**What to do:**
Your job is to transcribe all the records that follow, excluding any pictures.

**Information provided:**

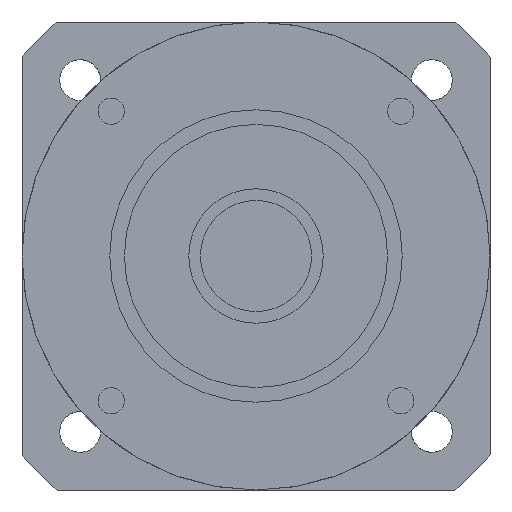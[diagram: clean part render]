
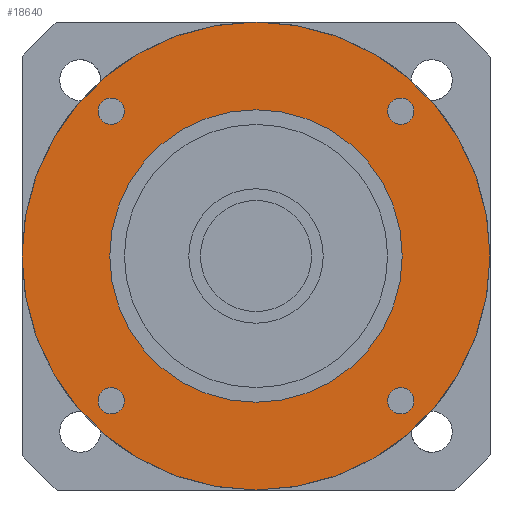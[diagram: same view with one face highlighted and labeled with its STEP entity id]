
A CAD part, left-side view. The second image highlights one B-rep face of the part: STEP entity #18640.
In plain terms, the highlighted planar face has unit normal (-1, 0, 0) as drawn and (0, 0, -1) by its records, which use the part's own axes.
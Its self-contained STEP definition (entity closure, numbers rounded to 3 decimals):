
#17460=CARTESIAN_POINT('',(-40.,0.,-47.));
#17470=VERTEX_POINT('',#17460);
#17560=CARTESIAN_POINT('',(40.,0.,-47.));
#17570=VERTEX_POINT('',#17560);
#17600=CARTESIAN_POINT('',(0.,0.,
-47.));
#17610=DIRECTION('',(0.,0.,1.));
#17620=DIRECTION('',(1.,0.,0.));
#17630=AXIS2_PLACEMENT_3D('',#17600,#17610,#17620);
#17640=CIRCLE('',#17630,40.);
#17650=CARTESIAN_POINT('',(0.,-40.,-47.));
#17660=VERTEX_POINT('',#17650);
#17670=EDGE_CURVE('',#17660,#17570,#17640,.T.);
#17690=EDGE_CURVE('',#17470,#17660,#17640,.T.);
#17740=CARTESIAN_POINT('',(0.,0.,
-47.));
#17750=DIRECTION('',(0.,0.,-1.));
#17760=DIRECTION('',(1.,0.,0.));
#17770=AXIS2_PLACEMENT_3D('',#17740,#17750,#17760);
#17780=PLANE('',#17770);
#17790=CARTESIAN_POINT('',(24.749,-24.749,-47.));
#17800=DIRECTION('',(0.,0.,-1.));
#17810=DIRECTION('',(1.,0.,0.));
#17820=AXIS2_PLACEMENT_3D('',#17790,#17800,#17810);
#17830=CIRCLE('',#17820,2.25);
#17840=CARTESIAN_POINT('',(26.999,-24.749,-47.));
#17850=VERTEX_POINT('',#17840);
#17860=CARTESIAN_POINT('',(22.499,-24.749,-47.));
#17870=VERTEX_POINT('',#17860);
#17880=EDGE_CURVE('',#17850,#17870,#17830,.T.);
#17890=ORIENTED_EDGE('',*,*,#17880,.F.);
#17900=EDGE_CURVE('',#17870,#17850,#17830,.T.);
#17910=ORIENTED_EDGE('',*,*,#17900,.F.);
#17920=EDGE_LOOP('',(#17910,#17890));
#17930=FACE_BOUND('',#17920,.T.);
#17940=ORIENTED_EDGE('',*,*,#17670,.F.);
#17950=EDGE_CURVE('',#17570,#17470,#17640,.T.);
#17960=ORIENTED_EDGE('',*,*,#17950,.F.);
#17970=ORIENTED_EDGE('',*,*,#17690,.F.);
#17980=EDGE_LOOP('',(#17970,#17960,#17940));
#17990=FACE_OUTER_BOUND('',#17980,.T.);
#18000=CARTESIAN_POINT('',(24.749,24.749,-47.));
#18010=DIRECTION('',(0.,0.,-1.));
#18020=DIRECTION('',(0.,1.,0.));
#18030=AXIS2_PLACEMENT_3D('',#18000,#18010,#18020);
#18040=CIRCLE('',#18030,2.25);
#18050=CARTESIAN_POINT('',(24.749,26.999,-47.));
#18060=VERTEX_POINT('',#18050);
#18070=CARTESIAN_POINT('',(24.749,22.499,-47.));
#18080=VERTEX_POINT('',#18070);
#18090=EDGE_CURVE('',#18060,#18080,#18040,.T.);
#18100=ORIENTED_EDGE('',*,*,#18090,.F.);
#18110=EDGE_CURVE('',#18080,#18060,#18040,.T.);
#18120=ORIENTED_EDGE('',*,*,#18110,.F.);
#18130=EDGE_LOOP('',(#18120,#18100));
#18140=FACE_BOUND('',#18130,.T.);
#18150=CARTESIAN_POINT('',(-24.749,24.749,-47.));
#18160=DIRECTION('',(0.,0.,-1.));
#18170=DIRECTION('',(-1.,0.,0.));
#18180=AXIS2_PLACEMENT_3D('',#18150,#18160,#18170);
#18190=CIRCLE('',#18180,2.25);
#18200=CARTESIAN_POINT('',(-26.999,24.749,-47.));
#18210=VERTEX_POINT('',#18200);
#18220=CARTESIAN_POINT('',(-22.499,24.749,-47.));
#18230=VERTEX_POINT('',#18220);
#18240=EDGE_CURVE('',#18210,#18230,#18190,.T.);
#18250=ORIENTED_EDGE('',*,*,#18240,.F.);
#18260=EDGE_CURVE('',#18230,#18210,#18190,.T.);
#18270=ORIENTED_EDGE('',*,*,#18260,.F.);
#18280=EDGE_LOOP('',(#18270,#18250));
#18290=FACE_BOUND('',#18280,.T.);
#18300=CARTESIAN_POINT('',(-24.749,-24.749,-47.));
#18310=DIRECTION('',(0.,0.,-1.));
#18320=DIRECTION('',(0.,-1.,0.));
#18330=AXIS2_PLACEMENT_3D('',#18300,#18310,#18320);
#18340=CIRCLE('',#18330,2.25);
#18350=CARTESIAN_POINT('',(-24.749,-26.999,-47.));
#18360=VERTEX_POINT('',#18350);
#18370=CARTESIAN_POINT('',(-24.749,-22.499,-47.));
#18380=VERTEX_POINT('',#18370);
#18390=EDGE_CURVE('',#18360,#18380,#18340,.T.);
#18400=ORIENTED_EDGE('',*,*,#18390,.F.);
#18410=EDGE_CURVE('',#18380,#18360,#18340,.T.);
#18420=ORIENTED_EDGE('',*,*,#18410,.F.);
#18430=EDGE_LOOP('',(#18420,#18400));
#18440=FACE_BOUND('',#18430,.T.);
#18450=CARTESIAN_POINT('',(0.,0.,
-47.));
#18460=DIRECTION('',(0.,0.,1.));
#18470=DIRECTION('',(0.,1.,0.));
#18480=AXIS2_PLACEMENT_3D('',#18450,#18460,#18470);
#18490=CIRCLE('',#18480,25.);
#18500=CARTESIAN_POINT('',(-25.,0.,-47.));
#18510=VERTEX_POINT('',#18500);
#18520=CARTESIAN_POINT('',(25.,0.,-47.));
#18530=VERTEX_POINT('',#18520);
#18540=EDGE_CURVE('',#18510,#18530,#18490,.T.);
#18550=ORIENTED_EDGE('',*,*,#18540,.T.);
#18560=CARTESIAN_POINT('',(0.,25.,-47.));
#18570=VERTEX_POINT('',#18560);
#18580=EDGE_CURVE('',#18570,#18510,#18490,.T.);
#18590=ORIENTED_EDGE('',*,*,#18580,.T.);
#18600=EDGE_CURVE('',#18530,#18570,#18490,.T.);
#18610=ORIENTED_EDGE('',*,*,#18600,.T.);
#18620=EDGE_LOOP('',(#18610,#18590,#18550));
#18630=FACE_BOUND('',#18620,.T.);
#18640=ADVANCED_FACE('',(#17930,#17990,#18140,#18290,#18440,#18630),
#17780,.T.);

**Answer below:**
[diagram: clean part render]
[diagram: same view with one face highlighted and labeled with its STEP entity id]
A CAD part, left-side view. The second image highlights one B-rep face of the part: STEP entity #18640.
In plain terms, the highlighted planar face has unit normal (-1, 0, 0) as drawn and (0, 0, -1) by its records, which use the part's own axes.
Its self-contained STEP definition (entity closure, numbers rounded to 3 decimals):
#17460=CARTESIAN_POINT('',(-40.,0.,-47.));
#17470=VERTEX_POINT('',#17460);
#17560=CARTESIAN_POINT('',(40.,0.,-47.));
#17570=VERTEX_POINT('',#17560);
#17600=CARTESIAN_POINT('',(0.,0.,
-47.));
#17610=DIRECTION('',(0.,0.,1.));
#17620=DIRECTION('',(1.,0.,0.));
#17630=AXIS2_PLACEMENT_3D('',#17600,#17610,#17620);
#17640=CIRCLE('',#17630,40.);
#17650=CARTESIAN_POINT('',(0.,-40.,-47.));
#17660=VERTEX_POINT('',#17650);
#17670=EDGE_CURVE('',#17660,#17570,#17640,.T.);
#17690=EDGE_CURVE('',#17470,#17660,#17640,.T.);
#17740=CARTESIAN_POINT('',(0.,0.,
-47.));
#17750=DIRECTION('',(0.,0.,-1.));
#17760=DIRECTION('',(1.,0.,0.));
#17770=AXIS2_PLACEMENT_3D('',#17740,#17750,#17760);
#17780=PLANE('',#17770);
#17790=CARTESIAN_POINT('',(24.749,-24.749,-47.));
#17800=DIRECTION('',(0.,0.,-1.));
#17810=DIRECTION('',(1.,0.,0.));
#17820=AXIS2_PLACEMENT_3D('',#17790,#17800,#17810);
#17830=CIRCLE('',#17820,2.25);
#17840=CARTESIAN_POINT('',(26.999,-24.749,-47.));
#17850=VERTEX_POINT('',#17840);
#17860=CARTESIAN_POINT('',(22.499,-24.749,-47.));
#17870=VERTEX_POINT('',#17860);
#17880=EDGE_CURVE('',#17850,#17870,#17830,.T.);
#17890=ORIENTED_EDGE('',*,*,#17880,.F.);
#17900=EDGE_CURVE('',#17870,#17850,#17830,.T.);
#17910=ORIENTED_EDGE('',*,*,#17900,.F.);
#17920=EDGE_LOOP('',(#17910,#17890));
#17930=FACE_BOUND('',#17920,.T.);
#17940=ORIENTED_EDGE('',*,*,#17670,.F.);
#17950=EDGE_CURVE('',#17570,#17470,#17640,.T.);
#17960=ORIENTED_EDGE('',*,*,#17950,.F.);
#17970=ORIENTED_EDGE('',*,*,#17690,.F.);
#17980=EDGE_LOOP('',(#17970,#17960,#17940));
#17990=FACE_OUTER_BOUND('',#17980,.T.);
#18000=CARTESIAN_POINT('',(24.749,24.749,-47.));
#18010=DIRECTION('',(0.,0.,-1.));
#18020=DIRECTION('',(0.,1.,0.));
#18030=AXIS2_PLACEMENT_3D('',#18000,#18010,#18020);
#18040=CIRCLE('',#18030,2.25);
#18050=CARTESIAN_POINT('',(24.749,26.999,-47.));
#18060=VERTEX_POINT('',#18050);
#18070=CARTESIAN_POINT('',(24.749,22.499,-47.));
#18080=VERTEX_POINT('',#18070);
#18090=EDGE_CURVE('',#18060,#18080,#18040,.T.);
#18100=ORIENTED_EDGE('',*,*,#18090,.F.);
#18110=EDGE_CURVE('',#18080,#18060,#18040,.T.);
#18120=ORIENTED_EDGE('',*,*,#18110,.F.);
#18130=EDGE_LOOP('',(#18120,#18100));
#18140=FACE_BOUND('',#18130,.T.);
#18150=CARTESIAN_POINT('',(-24.749,24.749,-47.));
#18160=DIRECTION('',(0.,0.,-1.));
#18170=DIRECTION('',(-1.,0.,0.));
#18180=AXIS2_PLACEMENT_3D('',#18150,#18160,#18170);
#18190=CIRCLE('',#18180,2.25);
#18200=CARTESIAN_POINT('',(-26.999,24.749,-47.));
#18210=VERTEX_POINT('',#18200);
#18220=CARTESIAN_POINT('',(-22.499,24.749,-47.));
#18230=VERTEX_POINT('',#18220);
#18240=EDGE_CURVE('',#18210,#18230,#18190,.T.);
#18250=ORIENTED_EDGE('',*,*,#18240,.F.);
#18260=EDGE_CURVE('',#18230,#18210,#18190,.T.);
#18270=ORIENTED_EDGE('',*,*,#18260,.F.);
#18280=EDGE_LOOP('',(#18270,#18250));
#18290=FACE_BOUND('',#18280,.T.);
#18300=CARTESIAN_POINT('',(-24.749,-24.749,-47.));
#18310=DIRECTION('',(0.,0.,-1.));
#18320=DIRECTION('',(0.,-1.,0.));
#18330=AXIS2_PLACEMENT_3D('',#18300,#18310,#18320);
#18340=CIRCLE('',#18330,2.25);
#18350=CARTESIAN_POINT('',(-24.749,-26.999,-47.));
#18360=VERTEX_POINT('',#18350);
#18370=CARTESIAN_POINT('',(-24.749,-22.499,-47.));
#18380=VERTEX_POINT('',#18370);
#18390=EDGE_CURVE('',#18360,#18380,#18340,.T.);
#18400=ORIENTED_EDGE('',*,*,#18390,.F.);
#18410=EDGE_CURVE('',#18380,#18360,#18340,.T.);
#18420=ORIENTED_EDGE('',*,*,#18410,.F.);
#18430=EDGE_LOOP('',(#18420,#18400));
#18440=FACE_BOUND('',#18430,.T.);
#18450=CARTESIAN_POINT('',(0.,0.,
-47.));
#18460=DIRECTION('',(0.,0.,1.));
#18470=DIRECTION('',(0.,1.,0.));
#18480=AXIS2_PLACEMENT_3D('',#18450,#18460,#18470);
#18490=CIRCLE('',#18480,25.);
#18500=CARTESIAN_POINT('',(-25.,0.,-47.));
#18510=VERTEX_POINT('',#18500);
#18520=CARTESIAN_POINT('',(25.,0.,-47.));
#18530=VERTEX_POINT('',#18520);
#18540=EDGE_CURVE('',#18510,#18530,#18490,.T.);
#18550=ORIENTED_EDGE('',*,*,#18540,.T.);
#18560=CARTESIAN_POINT('',(0.,25.,-47.));
#18570=VERTEX_POINT('',#18560);
#18580=EDGE_CURVE('',#18570,#18510,#18490,.T.);
#18590=ORIENTED_EDGE('',*,*,#18580,.T.);
#18600=EDGE_CURVE('',#18530,#18570,#18490,.T.);
#18610=ORIENTED_EDGE('',*,*,#18600,.T.);
#18620=EDGE_LOOP('',(#18610,#18590,#18550));
#18630=FACE_BOUND('',#18620,.T.);
#18640=ADVANCED_FACE('',(#17930,#17990,#18140,#18290,#18440,#18630),
#17780,.T.);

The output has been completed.